Les serviteurs de Pharaon se mettent à genoux devant Moïse, le suppliant de partir, mais c'est la volonté divine qui doit trouver son accomplissement en tout.

Dans les maisons des hébreux, c'est le silence, pas même les chiens remuent la langue, afin que les hébreux aussi connaissent la différence qui s'exerce entre les bourreaux et les victimes. La multiplication des miracles, des signes et des prodiges n'y change rien parce que Dieu « Je Suis » en a ainsi décidé ! Il faut qu'il arrive à la fin du « message » que Pharaon doit entendre et vivre, tout comme Egypte : « laisse aller mon peuple »

Vous remarquerez que Pharaon n'est pas le seul à perdre son calme puisqu'il nous est fait savoir qu'à cet instant précis où tombe la sentence, après le dernier ultimatum de Dieu, Moïse entra dans une violente colère.

Ensuite, après tout cela vient le temps de prier selon ce qui a été cité précédemment.

Je prie et laisse l'Esprit Saint guider mes prières, mes suppliques, mes demandes, mes assertions, concernant les prisonniers politiques et « le prisonnier » enfin libéré (il n'est pas question de L.G.) puis des portes ouvertes à causes des clefs de David en notre possession, le même sort pour le trio infernal Ouattara, Soro, Bédié ; retour de l'exil pour les exilés, fuite...

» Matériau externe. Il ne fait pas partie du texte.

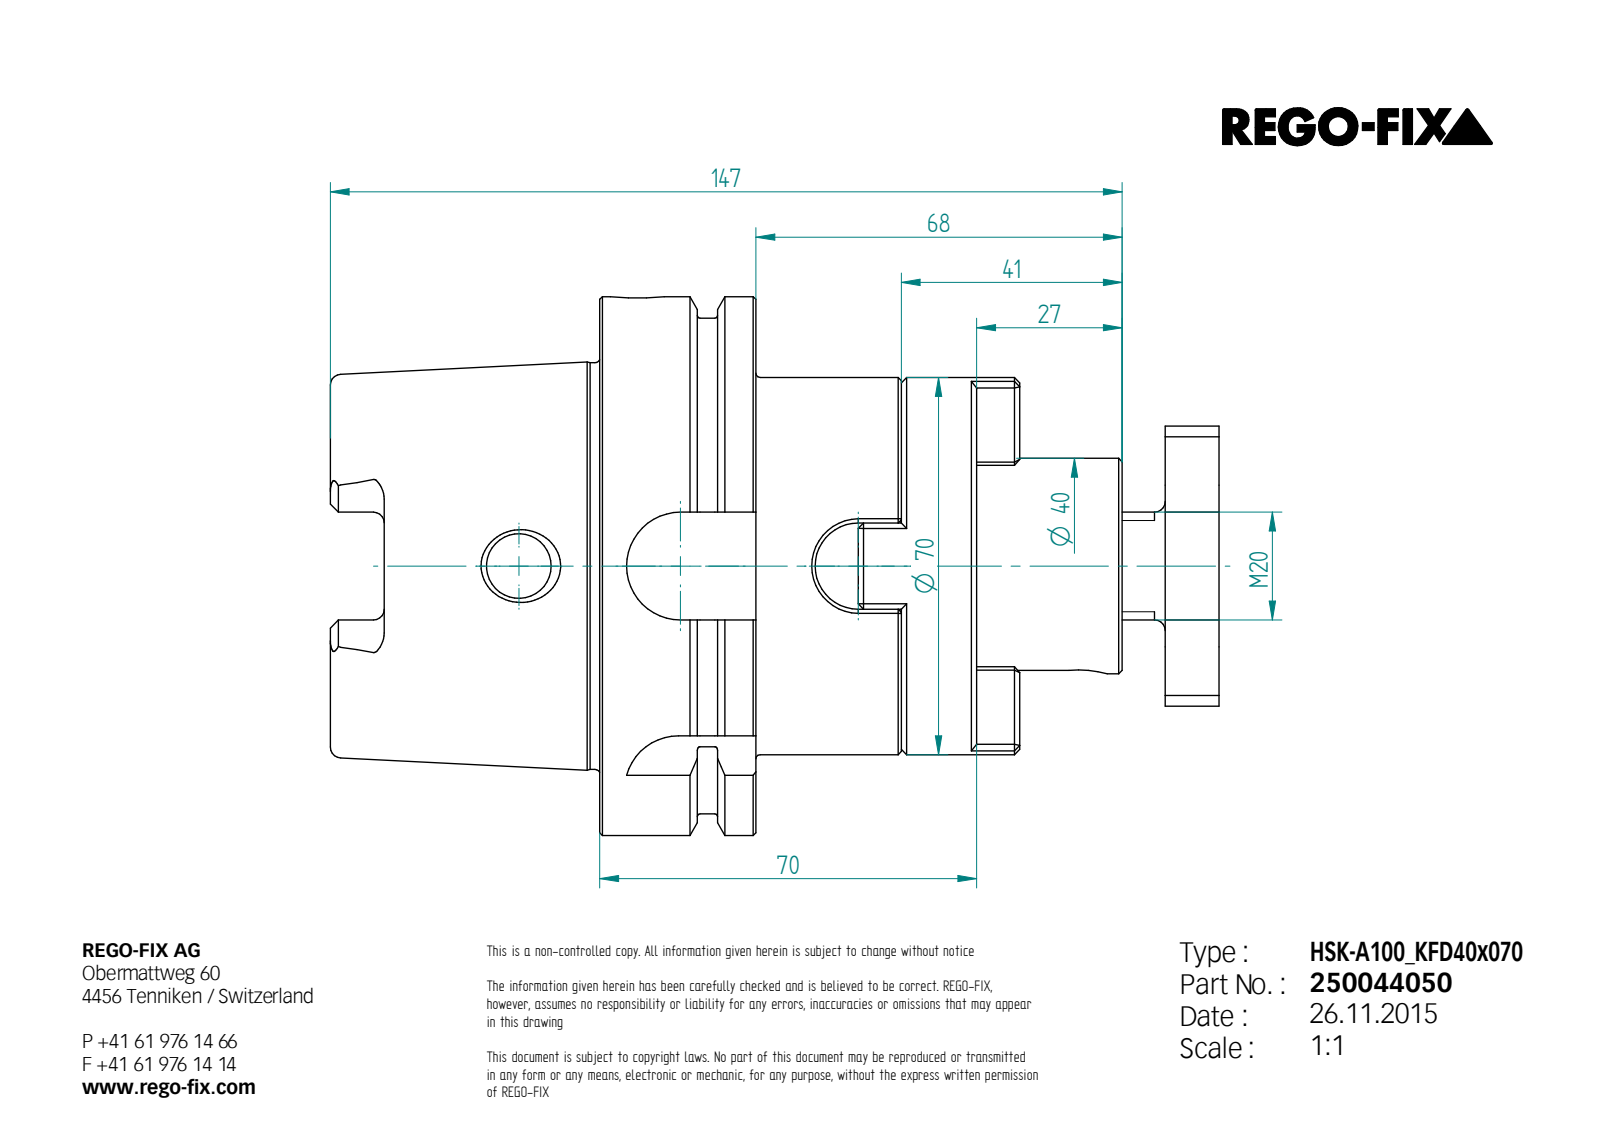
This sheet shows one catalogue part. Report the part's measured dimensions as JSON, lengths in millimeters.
{"step_written_by": "Unknown (AUTOMOTIVE_DESIGN)", "units": "millimeters", "bodies": {"solids": 3, "faces": 255, "planar": 125, "cylindrical": 52, "other": 78}, "overall_size": [165, 100, 100], "volume_mm3": 455386, "surface_area_mm2": 83123, "round_holes": [[12, 2], [8.5, 1], [10, 1], [17.29, 1], [21, 1], [22.38, 1], [25, 1], [40, 1], [53, 1], [63, 1]], "round_bosses_or_shafts": [[100, 1], [92, 1], [75.46, 1], [70, 1], [39.4, 1], [20, 1]], "partial_cylinders_radius": [[2, 6], [5, 6], [4.88, 4], [10, 2], [8, 1], [11, 1], [26, 1]], "face_to_face_distances": [27, 29, 56, 41, 49, 12.5, 115, 70, 14, 86]}

Que les « Gouverneurs » les « satrapes » dont Babylone est le centre, délivrent des lettres de créances afin que les rebâtisseurs puissent œuvrer avec dextérité et librement ; et que l'Iniquité quitte le pays en un seul jour, jetée dans un tonneau et élevée dans le ciel jusqu'à disparaître.

En achevant ce temps consacré à cette « Paracha bo 4ème jour » il m'est donné de lire dans le livre de Job 5 / 8 à 27 ce qui suit (un extrait) avoir recours à Dieu qui empêche le plan des hommes rusés. Dieu corrige ceux qu'il aime. Il créé la plaie pour mieux l'en délivrer et guérir ; il nous sauve des temps de famine, nous mettant à l'abri des fléaux de la langue (menteurs / mensonges – Esaïe 54) pour enfin nous faire reposer en paix dans nos demeures.

Soyez bénis par notre Dieu qui agit pour la gloire de son saint nom.